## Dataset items
-- -- --
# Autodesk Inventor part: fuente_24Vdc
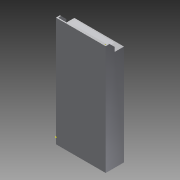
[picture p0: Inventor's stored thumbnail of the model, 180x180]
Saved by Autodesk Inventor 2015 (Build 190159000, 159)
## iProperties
Created: 2016-06
Part Number: fuente_24Vdc
Material: Genérico
Document SubType Name: Modeling
Designer: Diego
Density: 1 g/cm^3
Appearance: Valor por defecto
Author: Diego
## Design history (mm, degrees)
sketch "Boceto1"
  geometry: 1 further point
sketch "Boceto2"
  geometry: L1 (0, 0)-(95, 0); L2 (95, 0)-(95, 35); L3 (95, 35)-(0, 35); L4 (0, 35)-(0, 0)
  constraints: 8 end point, 2 parallel, 1 horizontal, 1 perpendicular
  dimensions: "d0" = 95 distance of L3.end L2.end; "d1" = 35 distance of L2.end L1.end
extrude "Extrusión1" new body sketch "Boceto2" distance "d2" = 180; taper "d3" = 0 deg
sketch "Boceto3"
  geometry: L1 (0, 35)-(0, 0) reference; L2 (0, 17.5)-(0, 0); L3 (0, 0)-(95, 0); L4 (95, 0)-(95, 17.5); L5 (95, 0)-(95, 35) reference; L6 (93, 17.5)-(93, 2); L7 (93, 2)-(2, 2); L8 (2, 2)-(2, 17.5); L9 (0, 17.5)-(2, 17.5); L10 (93, 17.5)-(95, 17.5)
  constraints: 16 end point, 2 collinear, 2 midpoint, 2 perpendicular, 1 horizontal, 2 other
  dimensions: "d4" = 2 distance between parallel lines of L3 L7
extrude "Extrusión2" join sketch "Boceto3" distance "d5" = 18; taper "d6" = 0 deg
chamfer "Chaflán1" distance "d7" = 10; stored, may be unused: second distance "d8" = 2, angle "d9" = 45 deg
chamfer "Chaflán2" distance "d10" = 10; stored, may be unused: second distance "d11" = 2, angle "d12" = 45 deg
sketch "Boceto4"
  geometry: L1 (93, 0)-(-2, 0) reference; L2 (2.896, 0)-(77.896, 0); L3 (77.896, 0)-(77.896, -10); L4 (77.896, -10)-(2.896, -10); L5 (2.896, -10)-(2.896, 0); 1 further point
  constraints: 8 end point, 2 parallel, 1 horizontal, 1 perpendicular, 1 point on line
  dimensions: "d13" = 75 distance of L3.end L4.end; "d14" = 10 distance of L2.end L3.end
extrude "Extrusión3" join sketch "Boceto4" distance "d15" = 1; taper "d16" = 0 deg
sketch "Boceto5" dims "d23" = 10
  geometry: L1 (77.896, -10)-(2.896, -10) reference; L2 (2.896, 0)-(4.396, 0); L3 (4.396, 0)-(4.396, -10); L4 (4.396, -10)-(2.896, -10); L5 (2.896, -10)-(2.896, 0); L6 (14.846, 0)-(14.846, -10); L7 (13.346, -10)-(13.346, 0); L8 (13.346, 0)-(14.846, 0); L9 (14.846, -10)-(13.346, -10); L10 (25.296, 0)-(25.296, -10); L11 (23.796, -10)-(23.796, 0); L12 (23.796, 0)-(25.296, 0); L13 (25.296, -10)-(23.796, -10); L14 (35.746, 0)-(35.746, -10); L15 (34.246, -10)-(34.246, 0); L16 (34.246, 0)-(35.746, 0); L17 (35.746, -10)-(34.246, -10); L18 (46.196, 0)-(46.196, -10); L19 (44.696, -10)-(44.696, 0); L20 (44.696, 0)-(46.196, 0); L21 (46.196, -10)-(44.696, -10); L22 (56.646, 0)-(56.646, -10); L23 (55.146, -10)-(55.146, 0); L24 (55.146, 0)-(56.646, 0); L25 (56.646, -10)-(55.146, -10); L26 (67.096, 0)-(67.096, -10); L27 (65.596, -10)-(65.596, 0); L28 (65.596, 0)-(67.096, 0); L29 (67.096, -10)-(65.596, -10); L30 (77.546, 0)-(77.546, -10); L31 (76.046, -10)-(76.046, 0); L32 (76.046, 0)-(77.546, 0); L33 (77.546, -10)-(76.046, -10); 1 further point
  constraints: 64 end point, 2 horizontal, 2 parallel, 1 perpendicular, 1 point on line, 56 other
  dimensions: "d17" = 1.5 distance of L3.end L4.end; "d20" = 10.45 distance of L2.end L6.start
extrude "Extrusión4" join sketch "Boceto5" distance "d25" = 10; taper "d26" = 0 deg
chamfer "Chaflán3" distance "d27" = 6; stored, may be unused: second distance "d28" = 2, angle "d29" = 45 deg
chamfer "Chaflán4" distance "d30" = 6; stored, may be unused: second distance "d31" = 2, angle "d32" = 45 deg
chamfer "Chaflán5" distance "d33" = 6; stored, may be unused: second distance "d34" = 2, angle "d35" = 45 deg
chamfer "Chaflán6" distance "d36" = 6; stored, may be unused: second distance "d37" = 2, angle "d38" = 45 deg
chamfer "Chaflán7" distance "d39" = 6; stored, may be unused: second distance "d40" = 2, angle "d41" = 45 deg
sketch "Boceto6"
  geometry: L1 (-95, 35)-(0, 35) reference; L2 (0, 0)-(-95, 0) reference; L3 (0, 35)-(0, 0) reference; L4 (-95, 35)-(0, 35) reference; L5 (-95, 0)-(-95, 35) reference; L6 (0, 35)-(-95, 35); L7 (-95, 35)-(-95, 0); L8 (-95, 0)-(0, 0); L9 (0, 0)-(0, 35); L10 (-2, 2)-(-93, 2); L11 (-93, 2)-(-93, 33); L12 (-93, 33)-(-2, 33); L13 (-2, 33)-(-2, 2); 1 further point
  constraints: 16 end point, 2 parallel, 1 horizontal, 1 perpendicular, 3 other
  dimensions: "d42" = 2 distance between parallel lines of L3 L13
extrude "Extrusión5" cut sketch "Boceto6" distance "d43" = 178; taper "d44" = 0 deg
sketch "Boceto7"
  geometry: L1 (5, -180)-(5, -175); L2 (5, -175)-(0, -175); 631 further points
  constraints: 4 end point, 1 coincident, 1 horizontal, 1 vertical, 629 other
  dimensions: "d45" = 5 distance of L2.end L1.end; "d46" = 5 distance of L1.end L1.start; "d49" = 5 distance of point (5, -175) point (5, -170); "d52" = 5 distance of point (5, -175) point (10, -175)
hole "Agujero1" sketch "Boceto7" diameter "d55" = 2; stored, may be unused: countersink angle "d59" = 90 deg, drill point angle "d61" = 118 deg; dims "d56" = 6, "d57" = 4, "d58" = 2, "d60" = 3
sketch "Boceto8"
  geometry: L1 (5, 0)-(5, 5); L2 (5, 5)-(0, 5); 210 further points
  constraints: 4 end point, 1 coincident, 1 horizontal, 1 vertical, 209 other
  dimensions: "d62" = 5 distance of L2.end L1.end; "d63" = 5 distance of L1.end L1.start; "d66" = 5 distance of L1.end point (5, 10); "d69" = 5 distance of L1.end point (10, 5)
hole "Agujero2" sketch "Boceto8" diameter "d72" = 2; stored, may be unused: countersink angle "d76" = 90 deg, drill point angle "d78" = 118 deg; dims "d73" = 6, "d74" = 4, "d75" = 2, "d77" = 3
sketch "Boceto9"
  geometry: L1 (0, 35)-(-95, 35); L2 (-95, 35)-(-95, 0); L3 (-95, 0)-(0, 0); L4 (0, 0)-(0, 35); 1 further point
  constraints: 8 end point, 2 parallel, 1 horizontal, 1 perpendicular
extrude "Extrusión6" join sketch "Boceto9" distance "d79" = 2; taper "d80" = 0 deg
sketch "Boceto10"
  geometry: L1 (0, 0)-(-95, 0); L2 (-95, 0)-(-95, 35); L3 (-95, 35)-(-93, 35); L4 (-95, 35)-(0, 35) reference; L5 (-93, 2)-(-93, 33) reference; L6 (-93, 35)-(-93, 2); L7 (-93, 2)-(0, 2); L8 (0, 7.5)-(0, 0) reference; L9 (0, 0)-(0, 2)
  constraints: 12 end point, 2 perpendicular, 2 point on line, 1 collinear, 1 horizontal
  dimensions: "d81" = 2 distance of L2.end L3.end
extrude "Extrusión7" join sketch "Boceto10" distance "d82" = 10; taper "d83" = 0 deg
sketch "Boceto11" dims "d89" = 10
  geometry: L1 (4.396, -10)-(13.346, -4); L2 (13.346, -4)-(13.346, -10); L3 (13.346, -10)-(13.346, 0) reference; L4 (13.346, -10)-(4.396, -4); L5 (6.246, -8.76)-(11.488, -8.76); L6 (11.488, -8.76)-(11.488, -5.246); L7 (11.488, -5.246)-(6.246, -5.246); L8 (6.246, -5.246)-(6.246, -8.76); L9 (16.696, -5.246)-(16.696, -8.76); L10 (16.696, -8.76)-(21.938, -8.76); L11 (21.938, -8.76)-(21.938, -5.246); L12 (21.938, -5.246)-(16.696, -5.246); L13 (27.146, -5.246)-(27.146, -8.76); L14 (27.146, -8.76)-(32.388, -8.76); L15 (32.388, -8.76)-(32.388, -5.246); L16 (32.388, -5.246)-(27.146, -5.246); L17 (37.596, -5.246)-(37.596, -8.76); L18 (37.596, -8.76)-(42.838, -8.76); L19 (42.838, -8.76)-(42.838, -5.246); L20 (42.838, -5.246)-(37.596, -5.246); L21 (48.046, -5.246)-(48.046, -8.76); L22 (48.046, -8.76)-(53.288, -8.76); L23 (53.288, -8.76)-(53.288, -5.246); L24 (53.288, -5.246)-(48.046, -5.246); L25 (58.496, -5.246)-(58.496, -8.76); L26 (58.496, -8.76)-(63.738, -8.76); L27 (63.738, -8.76)-(63.738, -5.246); L28 (63.738, -5.246)-(58.496, -5.246); L29 (68.946, -5.246)-(68.946, -8.76); L30 (68.946, -8.76)-(74.188, -8.76); L31 (74.188, -8.76)-(74.188, -5.246); L32 (74.188, -5.246)-(68.946, -5.246); 1 further point
  constraints: 62 end point, 2 collinear, 2 horizontal, 2 parallel, 2 point on line, 1 perpendicular, 47 other
  dimensions: "d86" = 10.45 distance of L7.end L9.start
extrude "Extrusión8" join sketch "Boceto11" distance "d91" = 1.5; taper "d92" = 0 deg
sketch "Boceto12" dims "d98" = 10
  geometry: L1 (6.246, -8.76)-(11.488, -5.246); L2 (11.488, -5.246)-(6.246, -5.246); L3 (6.246, -5.246)-(6.246, -8.76) reference; L4 (6.246, -5.246)-(11.488, -8.76); C1 r 1.426 at (8.867, -7.003); C2 r 1.426 at (19.317, -7.003); C3 r 1.426 at (29.767, -7.003); C4 r 1.426 at (40.217, -7.003); C5 r 1.426 at (50.667, -7.003); C6 r 1.426 at (61.117, -7.003); C7 r 1.426 at (71.567, -7.003); 1 further point
  constraints: 7 centre point, 6 end point, 1 horizontal, 1 midpoint, 1 perpendicular, 12 other
  dimensions: "d95" = 10.45 distance of C1.centre C2.centre
extrude "Extrusión9" join sketch "Boceto12" distance "d100" = 1.5; taper "d101" = 0 deg
fillet "Empalme1" dims "d102" = 1
sketch "Boceto13" dims "d108" = 10
  geometry: L1 (-0.871, -1.129)-(1.194, 0.781); L2 (1.194, 0.781)-(0.871, 1.129); L3 (-1.194, -0.781)-(0.871, 1.129); L4 (-1.194, -0.781)-(-0.871, -1.129); L5 (1.426, 0)-(0, 0); L6 (9.579, -1.129)-(11.644, 0.781); L7 (9.256, -0.781)-(9.579, -1.129); L8 (9.256, -0.781)-(11.321, 1.129); L9 (11.644, 0.781)-(11.321, 1.129); L10 (20.029, -1.129)-(22.094, 0.781); L11 (19.706, -0.781)-(20.029, -1.129); L12 (19.706, -0.781)-(21.771, 1.129); L13 (22.094, 0.781)-(21.771, 1.129); L14 (30.479, -1.129)-(32.544, 0.781); L15 (30.156, -0.781)-(30.479, -1.129); L16 (30.156, -0.781)-(32.221, 1.129); L17 (32.544, 0.781)-(32.221, 1.129); L18 (40.929, -1.129)-(42.994, 0.781); L19 (40.606, -0.781)-(40.929, -1.129); L20 (40.606, -0.781)-(42.671, 1.129); L21 (42.994, 0.781)-(42.671, 1.129); L22 (51.379, -1.129)-(53.444, 0.781); L23 (51.056, -0.781)-(51.379, -1.129); L24 (51.056, -0.781)-(53.121, 1.129); L25 (53.444, 0.781)-(53.121, 1.129); L26 (61.829, -1.129)-(63.894, 0.781); L27 (61.506, -0.781)-(61.829, -1.129); L28 (61.506, -0.781)-(63.571, 1.129); L29 (63.894, 0.781)-(63.571, 1.129); A1 r 1.426 centre (0, 0) between (-0.871, -1.129) and (1.194, 0.781) reference; 1 further point
  constraints: 58 end point, 5 point on circle, 3 perpendicular, 2 horizontal, 48 other
  dimensions: "d105" = 10.45 distance of L1.start L6.start
extrude "Extrusión10" cut sketch "Boceto13" distance "d110" = 0.5; taper "d111" = 0 deg
sketch "Boceto14"
  geometry: L1 (4.496, 22.479)-(79.496, 22.479); L2 (79.496, 22.479)-(79.496, 32.479); L3 (79.496, 32.479)-(4.496, 32.479); L4 (4.496, 32.479)-(4.496, 22.479); 1 further point
  constraints: 8 end point, 2 parallel, 1 horizontal, 1 perpendicular
  dimensions: "d112" = 75 distance of L3.end L2.end; "d113" = 10 distance of L2.end L1.end
extrude "Extrusión11" join sketch "Boceto14" distance "d114" = 0.0001; taper "d115" = 0 deg
sketch "Boceto15"
  geometry: L1 (77.896, -10)-(77.896, 0) reference; L2 (77.546, -10)-(77.896, -10); L3 (77.896, -10)-(77.896, -4); L4 (77.546, -4)-(77.546, -10); L5 (77.546, 0)-(77.896, 0); L6 (77.896, 0)-(77.896, -10); L7 (77.896, -10)-(77.546, -10); L8 (77.546, -10)-(77.546, 0); 1 further point
  constraints: 14 end point, 3 parallel, 2 horizontal, 2 perpendicular, 1 point on line
extrude "Extrusión12" cut sketch "Boceto15" distance "d116" = 1; taper "d117" = 0 deg
sketch "Boceto16"
  geometry: L1 (79.926, 8.507)-(84.926, 8.507); L2 (84.926, 8.507)-(84.926, 13.507); L3 (84.926, 13.507)-(79.926, 13.507); L4 (79.926, 13.507)-(79.926, 8.507); 1 further point
  constraints: 8 end point, 2 parallel, 1 horizontal, 1 perpendicular
  dimensions: "d118" = 5 distance of L3.end L2.end; "d119" = 5 distance of L2.end L1.end
extrude "Extrusión13" join sketch "Boceto16" distance "d120" = 3; taper "d121" = 0 deg
sketch "Boceto17"
  geometry: L1 (83.197, 12.133)-(83.197, 12.133); L2 (83.421, 10.005)-(81.339, 12.02); L3 (83.29, 9.87)-(81.207, 11.884); C1 r 1.5 at (82.335, 10.967); A1 r 1.45 centre (82.335, 10.967) between (83.421, 10.005) and (81.339, 12.02); A2 r 1.45 centre (82.335, 10.967) between (81.21, 11.881) and (83.287, 9.872); 1 further point
  constraints: 6 end point, 6 point on circle, 3 centre point, 2 point on line, 1 coincident, 1 parallel
  dimensions: "d122" = 3 diameter of C1
extrude "Extrusión14" cut sketch "Boceto17" distance "d124" = 2; taper "d125" = 0 deg
sketch "Boceto18"
  geometry: L1 (84.758, 6.774)-(87.696, 7.279); A1 r 2.5 centre (86.567, 5.049) between (84.758, 6.774) and (87.696, 7.279); 1 further point
  constraints: 2 end point, 2 point on circle, 1 centre point
  dimensions: "d126" = 5 diameter of A1
extrude "Extrusión15" join sketch "Boceto18" distance "d127" = 1.5; taper "d128" = 0 deg
sketch "Boceto19"
  geometry: L1 (84.88, 3.203)-(86.567, 5.049); C1 r 1.983 at (86.567, 5.049); A1 r 2.5 centre (86.567, 5.049) between (84.758, 6.774) and (87.696, 7.279) reference; 1 further point
  constraints: 2 end point, 1 centre point, 1 coincident, 1 point on circle
extrude "Extrusión16" join sketch "Boceto19" distance "d129" = 4; taper "d130" = 0 deg
fillet "Empalme2" dims "d131" = 1.8
node "Sólido1"
node "Contorno proyectado1"
other parameters: "d123" = 2.9
-- -- --
## GOAL OF THE EXERCISE
Exactly reproduce the lines that run from the line with "constraints: 2 end point, 2" through the last line of the records, inclusive.

## REPLY TO THE TASK
  constraints: 2 end point, 2 point on circle, 1 centre point
  dimensions: "d126" = 5 diameter of A1
extrude "Extrusión15" join sketch "Boceto18" distance "d127" = 1.5; taper "d128" = 0 deg
sketch "Boceto19"
  geometry: L1 (84.88, 3.203)-(86.567, 5.049); C1 r 1.983 at (86.567, 5.049); A1 r 2.5 centre (86.567, 5.049) between (84.758, 6.774) and (87.696, 7.279) reference; 1 further point
  constraints: 2 end point, 1 centre point, 1 coincident, 1 point on circle
extrude "Extrusión16" join sketch "Boceto19" distance "d129" = 4; taper "d130" = 0 deg
fillet "Empalme2" dims "d131" = 1.8
node "Sólido1"
node "Contorno proyectado1"
other parameters: "d123" = 2.9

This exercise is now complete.